A Survey on Failure Analysis and Fault Injection in AI Systems
Guangba Yu, Gou Tan, Haojia Huang, Zhenyu Zhang, Pengfei Chen, Roberto Natella, Zibin Zheng
TL;DR
This work provides the first comprehensive survey of failure analysis and fault injection across AI systems, organizing FA/FI across six layers (service, model, framework, toolkit, platform, infrastructure) and synthesizing 142 studies from 2001 to 2024. It builds a taxonomy of AI system failures, evaluates the current capabilities of FI tools, and identifies substantial gaps between simulated and real-world failures, especially regarding cross-layer dependencies and platform-specific faults. By detailing methodologies, tool ecosystems, and cross-layer gaps, the paper offers a structured framework for fault diagnosis and a roadmap for advancing fault injection techniques to bolster AI resilience. The findings have practical significance for developers, researchers, and operators seeking to improve the reliability and safety of AI-enabled systems, including large language model deployments and production AI services.
Abstract
The rapid advancement of Artificial Intelligence (AI) has led to its integration into various areas, especially with Large Language Models (LLMs) significantly enhancing capabilities in Artificial Intelligence Generated Content (AIGC). However, the complexity of AI systems has also exposed their vulnerabilities, necessitating robust methods for failure analysis (FA) and fault injection (FI) to ensure resilience and reliability. Despite the importance of these techniques, there lacks a comprehensive review of FA and FI methodologies in AI systems.
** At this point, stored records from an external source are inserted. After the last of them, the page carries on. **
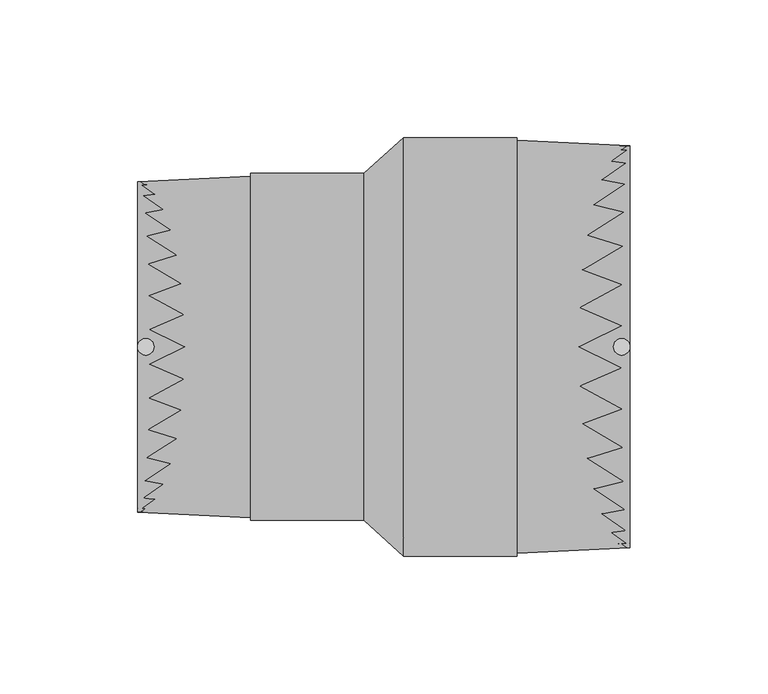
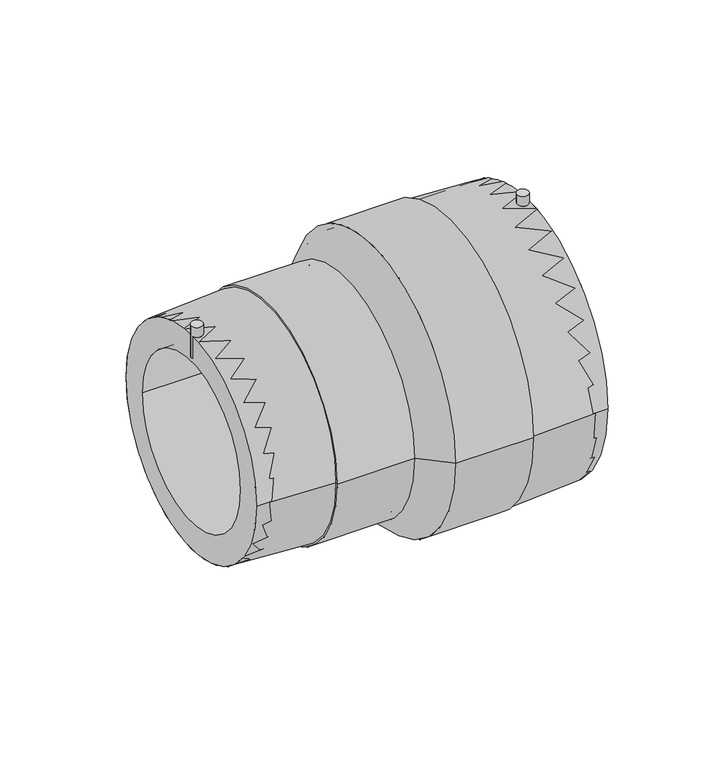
"""IFC4 building model written with IfcOpenShell, lengths in millimetres: pipe fitting geometry, EGB_VASEN_ PPR_Manguito reductor electrosoldable WXRD110 : Manguito reductor electrosoldable WXRD110."""

from ifc_helpers import new_model, si_unit, point, frame, frame_2d, origin, origin_2d, place, context, project, spatial, polyline, circle_curve, trimmed, segment, composite_curve, outline, extrude, source, transform, mapped, element, save
from ifc_brep_helpers import plane_surface, cylinder_surface, revolved_surface, advanced_brep


def pipe_fitting_c5c13ebb(model_context):
    return source(origin(), model_context, "Body", "SolidModel", [
        extrude(outline(composite_curve([segment(trimmed(circle_curve(frame_2d((86.5, 0.0)), 3.0), [point((83.5, 0.0))], [point((89.5, 0.0))], False, "CARTESIAN"), True, "CONTINUOUS"), segment(trimmed(circle_curve(frame_2d((86.5, 0.0)), 3.0), [point((89.5, 0.0))], [point((83.5, 0.0))], False, "CARTESIAN"), True, "CONTINUOUS")], self_intersect=False)), frame((0.0, 0.0, 57.0), z_axis=(0.0, 0.0, 1.0), x_axis=(1.0, 0.0, 0.0)), (0.0, 0.0, 1.0), 21.0),
        extrude(outline(composite_curve([segment(trimmed(circle_curve(frame_2d((-86.5, 0.0)), 3.0), [point((-89.5, 0.0))], [point((-83.5, 0.0))], False, "CARTESIAN"), True, "CONTINUOUS"), segment(trimmed(circle_curve(frame_2d((-86.5, 0.0)), 3.0), [point((-83.5, 0.0))], [point((-89.5, 0.0))], False, "CARTESIAN"), True, "CONTINUOUS")], self_intersect=False)), frame((0.0, 0.0, 47.0), z_axis=(0.0, 0.0, 1.0), x_axis=(1.0, 0.0, 0.0)), (0.0, 0.0, 1.0), 18.0),
        extrude(outline(composite_curve([segment(trimmed(circle_curve(origin_2d(), 73.0), [point((-73.0, 0.0))], [point((73.0, 0.0))], False, "CARTESIAN"), True, "CONTINUOUS"), segment(trimmed(circle_curve(origin_2d(), 73.0), [point((73.0, 0.0))], [point((-73.0, 0.0))], False, "CARTESIAN"), True, "CONTINUOUS")], self_intersect=False), holes=[composite_curve([segment(trimmed(circle_curve(origin_2d(), 55.0), [point((-55.0, 0.0))], [point((55.0, 0.0))], True, "CARTESIAN"), True, "CONTINUOUS"), segment(trimmed(circle_curve(origin_2d(), 55.0), [point((55.0, 0.0))], [point((-55.0, 0.0))], True, "CARTESIAN"), True, "CONTINUOUS")], self_intersect=False)]), frame((7.16, 0.0, 0.0), z_axis=(1.0, 0.0, 0.0), x_axis=(0.0, 1.0, 0.0)), (0.0, 0.0, 1.0), 82.34),
        extrude(outline(composite_curve([segment(trimmed(circle_curve(origin_2d(), 60.0), [point((-60.0, 0.0))], [point((60.0, 0.0))], False, "CARTESIAN"), True, "CONTINUOUS"), segment(trimmed(circle_curve(origin_2d(), 60.0), [point((60.0, 0.0))], [point((-60.0, 0.0))], False, "CARTESIAN"), True, "CONTINUOUS")], self_intersect=False), holes=[composite_curve([segment(trimmed(circle_curve(origin_2d(), 45.0), [point((-45.0, 0.0))], [point((45.0, 0.0))], True, "CARTESIAN"), True, "CONTINUOUS"), segment(trimmed(circle_curve(origin_2d(), 45.0), [point((45.0, 0.0))], [point((-45.0, 0.0))], True, "CARTESIAN"), True, "CONTINUOUS")], self_intersect=False)]), frame((-89.5, 0.0, 0.0), z_axis=(1.0, 0.0, 0.0), x_axis=(0.0, 1.0, 0.0)), (0.0, 0.0, 1.0), 82.34),
        advanced_brep(
        [(7.16, -73.0, 0.0), (7.16, 73.0, 0.0), (-7.16, -60.0, 0.0), (-7.16, 60.0, 0.0)],
        [
            (0, 1, circle_curve(frame((7.16, 0.0, 0.0), z_axis=(1.0, 0.0, 0.0), x_axis=(0.0, -1.0, 0.0)), 73.0)),
            (1, 0, circle_curve(frame((7.16, 0.0, 0.0), z_axis=(1.0, 0.0, 0.0), x_axis=(0.0, 1.0, 0.0)), 73.0)),
            (2, 3, circle_curve(frame((-7.16, 0.0, 0.0), z_axis=(-1.0, 0.0, 0.0), x_axis=(0.0, 1.0, 0.0)), 60.0)),
            (3, 2, circle_curve(frame((-7.16, 0.0, 0.0), z_axis=(-1.0, 0.0, 0.0), x_axis=(0.0, -1.0, 0.0)), 60.0)),
            (3, 1),
            (0, 2),
        ],
        [
            plane_surface(frame((7.16, 0.0, 0.0), z_axis=(1.0, 0.0, 0.0), x_axis=(0.0, 0.0, -1.0))),
            plane_surface(frame((-7.16, 0.0, 0.0), z_axis=(-1.0, 0.0, 0.0), x_axis=(0.0, 0.0, -1.0))),
            revolved_surface(polyline([(-7.159999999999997, 60.00000000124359, 0.0), (7.159999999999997, 73.0, 0.0)]), (-73.2523077, 0.0, 0.0), (1.0, 0.0, 0.0)),
            revolved_surface(polyline([(-7.159999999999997, -60.00000000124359, 0.0), (7.159999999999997, -73.0, 0.0)]), (-73.2523077, 0.0, 0.0), (1.0, 0.0, 0.0)),
        ],
        [
            (0, [[1, 2]]),
            (1, [[3, 4]]),
            (2, [[-4, 5, -1, 6]]),
            (3, [[-3, -6, -2, -5]]),
        ],
    ),
        advanced_brep(
        [(7.16, -73.0, 0.0), (7.16, 73.0, 0.0), (-7.16, 60.0, 0.0), (-7.16, -60.0, 0.0), (89.5, -73.0, 0.0), (89.5, 73.0, 0.0), (48.33, -75.0, 0.0), (48.33, 75.0, 0.0), (48.33, -76.0, 0.0), (48.33, 76.0, 0.0), (7.16, -76.0, 0.0), (7.16, 76.0, 0.0), (-7.16, -63.0, 0.0), (-7.16, 63.0, 0.0), (-48.33, -63.0, 0.0), (-48.33, 63.0, 0.0), (-48.33, -62.0, 0.0), (-48.33, 62.0, 0.0), (-89.5, -60.0, 0.0), (-89.5, 60.0, 0.0)],
        [
            (0, 1, circle_curve(frame((7.16, 0.0, 0.0), z_axis=(1.0, 0.0, 0.0), x_axis=(0.0, 1.0, 0.0)), 73.0)),
            (1, 2),
            (2, 3, circle_curve(frame((-7.16, 0.0, 0.0), z_axis=(-1.0, 0.0, 0.0), x_axis=(0.0, 1.0, 0.0)), 60.0)),
            (3, 0),
            (1, 0, circle_curve(frame((7.16, 0.0, 0.0), z_axis=(1.0, 0.0, 0.0), x_axis=(0.0, 1.0, 0.0)), 73.0)),
            (3, 2, circle_curve(frame((-7.16, 0.0, 0.0), z_axis=(-1.0, 0.0, 0.0), x_axis=(0.0, 1.0, 0.0)), 60.0)),
            (4, 5, circle_curve(frame((89.5, 0.0, 0.0), z_axis=(1.0, 0.0, 0.0), x_axis=(0.0, 1.0, 0.0)), 73.0)),
            (5, 1),
            (0, 4),
            (5, 4, circle_curve(frame((89.5, 0.0, 0.0), z_axis=(1.0, 0.0, 0.0), x_axis=(0.0, 1.0, 0.0)), 73.0)),
            (6, 7, circle_curve(frame((48.33, 0.0, 0.0), z_axis=(1.0, 0.0, 0.0), x_axis=(0.0, 1.0, 0.0)), 75.0)),
            (7, 5),
            (4, 6),
            (7, 6, circle_curve(frame((48.33, 0.0, 0.0), z_axis=(1.0, 0.0, 0.0), x_axis=(0.0, 1.0, 0.0)), 75.0)),
            (8, 9, circle_curve(frame((48.33, 0.0, 0.0), z_axis=(1.0, 0.0, 0.0), x_axis=(0.0, 1.0, 0.0)), 76.0)),
            (9, 7),
            (6, 8),
            (9, 8, circle_curve(frame((48.33, 0.0, 0.0), z_axis=(1.0, 0.0, 0.0), x_axis=(0.0, 1.0, 0.0)), 76.0)),
            (10, 11, circle_curve(frame((7.16, 0.0, 0.0), z_axis=(1.0, 0.0, 0.0), x_axis=(0.0, 1.0, 0.0)), 76.0)),
            (11, 9),
            (8, 10),
            (11, 10, circle_curve(frame((7.16, 0.0, 0.0), z_axis=(1.0, 0.0, 0.0), x_axis=(0.0, 1.0, 0.0)), 76.0)),
            (12, 13, circle_curve(frame((-7.16, 0.0, 0.0), z_axis=(1.0, 0.0, 0.0), x_axis=(0.0, 1.0, 0.0)), 63.0)),
            (13, 11),
            (10, 12),
            (13, 12, circle_curve(frame((-7.16, 0.0, 0.0), z_axis=(1.0, 0.0, 0.0), x_axis=(0.0, 1.0, 0.0)), 63.0)),
            (14, 15, circle_curve(frame((-48.33, 0.0, 0.0), z_axis=(1.0, 0.0, 0.0), x_axis=(0.0, 1.0, 0.0)), 63.0)),
            (15, 13),
            (12, 14),
            (15, 14, circle_curve(frame((-48.33, 0.0, 0.0), z_axis=(1.0, 0.0, 0.0), x_axis=(0.0, 1.0, 0.0)), 63.0)),
            (16, 17, circle_curve(frame((-48.33, 0.0, 0.0), z_axis=(1.0, 0.0, 0.0), x_axis=(0.0, 1.0, 0.0)), 62.0)),
            (17, 15),
            (14, 16),
            (17, 16, circle_curve(frame((-48.33, 0.0, 0.0), z_axis=(1.0, 0.0, 0.0), x_axis=(0.0, 1.0, 0.0)), 62.0)),
            (18, 19, circle_curve(frame((-89.5, 0.0, 0.0), z_axis=(1.0, 0.0, 0.0), x_axis=(0.0, 1.0, 0.0)), 60.0)),
            (19, 17),
            (16, 18),
            (19, 18, circle_curve(frame((-89.5, 0.0, 0.0), z_axis=(1.0, 0.0, 0.0), x_axis=(0.0, 1.0, 0.0)), 60.0)),
            (2, 19),
            (18, 3),
        ],
        [
            revolved_surface(polyline([(-7.16, 60.0, 0.0), (7.16, 73.0, 0.0)]), (-124.5, 0.0, 0.0), (-1.0, 0.0, 0.0)),
            revolved_surface(polyline([(7.159999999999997, 73.0, 0.0), (89.5, 73.0, 0.0)]), (-124.5, 0.0, 0.0), (-1.0, 0.0, 0.0)),
            revolved_surface(polyline([(89.5, 73.0, 0.0), (48.33, 75.0, 0.0)]), (-124.5, 0.0, 0.0), (-1.0, 0.0, 0.0)),
            plane_surface(frame((48.33, 0.0, 0.0), z_axis=(1.0, 0.0, 0.0), x_axis=(0.0, 1.0, 0.0))),
            cylinder_surface(frame((-124.5, 0.0, 0.0), z_axis=(-1.0, 0.0, 0.0), x_axis=(0.0, 1.0, 0.0)), 76.0),
            revolved_surface(polyline([(7.16, 76.0, 0.0), (-7.16, 63.0, 0.0)]), (-124.5, 0.0, 0.0), (-1.0, 0.0, 0.0)),
            cylinder_surface(frame((-124.5, 0.0, 0.0), z_axis=(-1.0, 0.0, 0.0), x_axis=(0.0, 1.0, 0.0)), 63.0),
            plane_surface(frame((-48.33, 0.0, 0.0), z_axis=(-1.0, 0.0, 0.0), x_axis=(0.0, 1.0, 0.0))),
            revolved_surface(polyline([(-48.33, 62.0, 0.0), (-89.5, 60.0, 0.0)]), (-124.5, 0.0, 0.0), (-1.0, 0.0, 0.0)),
            revolved_surface(polyline([(-89.5, 60.0, 0.0), (-7.159999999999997, 60.0, 0.0)]), (-124.5, 0.0, 0.0), (-1.0, 0.0, 0.0)),
        ],
        [
            (0, [[1, 2, 3, 4]]),
            (0, [[5, -4, 6, -2]]),
            (1, [[7, 8, -1, 9]]),
            (1, [[10, -9, -5, -8]]),
            (2, [[11, 12, -7, 13]]),
            (2, [[14, -13, -10, -12]]),
            (3, [[15, 16, -11, 17]]),
            (3, [[18, -17, -14, -16]]),
            (4, [[19, 20, -15, 21]]),
            (4, [[22, -21, -18, -20]]),
            (5, [[23, 24, -19, 25]]),
            (5, [[26, -25, -22, -24]]),
            (6, [[27, 28, -23, 29]]),
            (6, [[30, -29, -26, -28]]),
            (7, [[31, 32, -27, 33]]),
            (7, [[34, -33, -30, -32]]),
            (8, [[35, 36, -31, 37]]),
            (8, [[38, -37, -34, -36]]),
            (9, [[-3, 39, -35, 40]]),
            (9, [[-6, -40, -38, -39]]),
        ],
    ),
    ])


if __name__ == "__main__":
    model = new_model("IFC4")
    model_context = context("Model", 3, world=origin())
    ifc_project = project(units=[si_unit("LENGTHUNIT", "METRE", prefix="MILLI")], contexts=[model_context])
    site = spatial("IfcSite", under=ifc_project)
    building = spatial("IfcBuilding", under=site)
    placement = place(None, origin())
    pipe_fitting_shape = pipe_fitting_c5c13ebb(model_context)
    element("IfcPipeFitting", 1, ObjectType="EGB_VASEN_ PPR_Manguito reductor electrosoldable WXRD110 : Manguito reductor electrosoldable WXRD110", at=placement, inside=building, context=model_context, shape_type="MappedRepresentation", body=[
        mapped(pipe_fitting_shape, transform((0.0, 0.0, 0.0), x_axis=(1.0, 0.0, 0.0), y_axis=(0.0, 1.0, 0.0), z_axis=(0.0, 0.0, 1.0))),
    ])
    save(model, "model.ifc")

This study fills this gap by presenting a detailed survey of existing FA and FI approaches across six layers of AI systems. We systematically analyze 160 papers and repositories to answer three research questions including (1) what are the prevalent failures in AI systems, (2) what types of faults can current FI tools simulate, (3) what gaps exist between the simulated faults and real-world failures. Our findings reveal a taxonomy of AI system failures, assess the capabilities of existing FI tools, and highlight discrepancies between real-world and simulated failures. Moreover, this survey contributes to the field by providing a framework for fault diagnosis, evaluating the state-of-the-art in FI, and identifying areas for improvement in FI techniques to enhance the resilience of AI systems.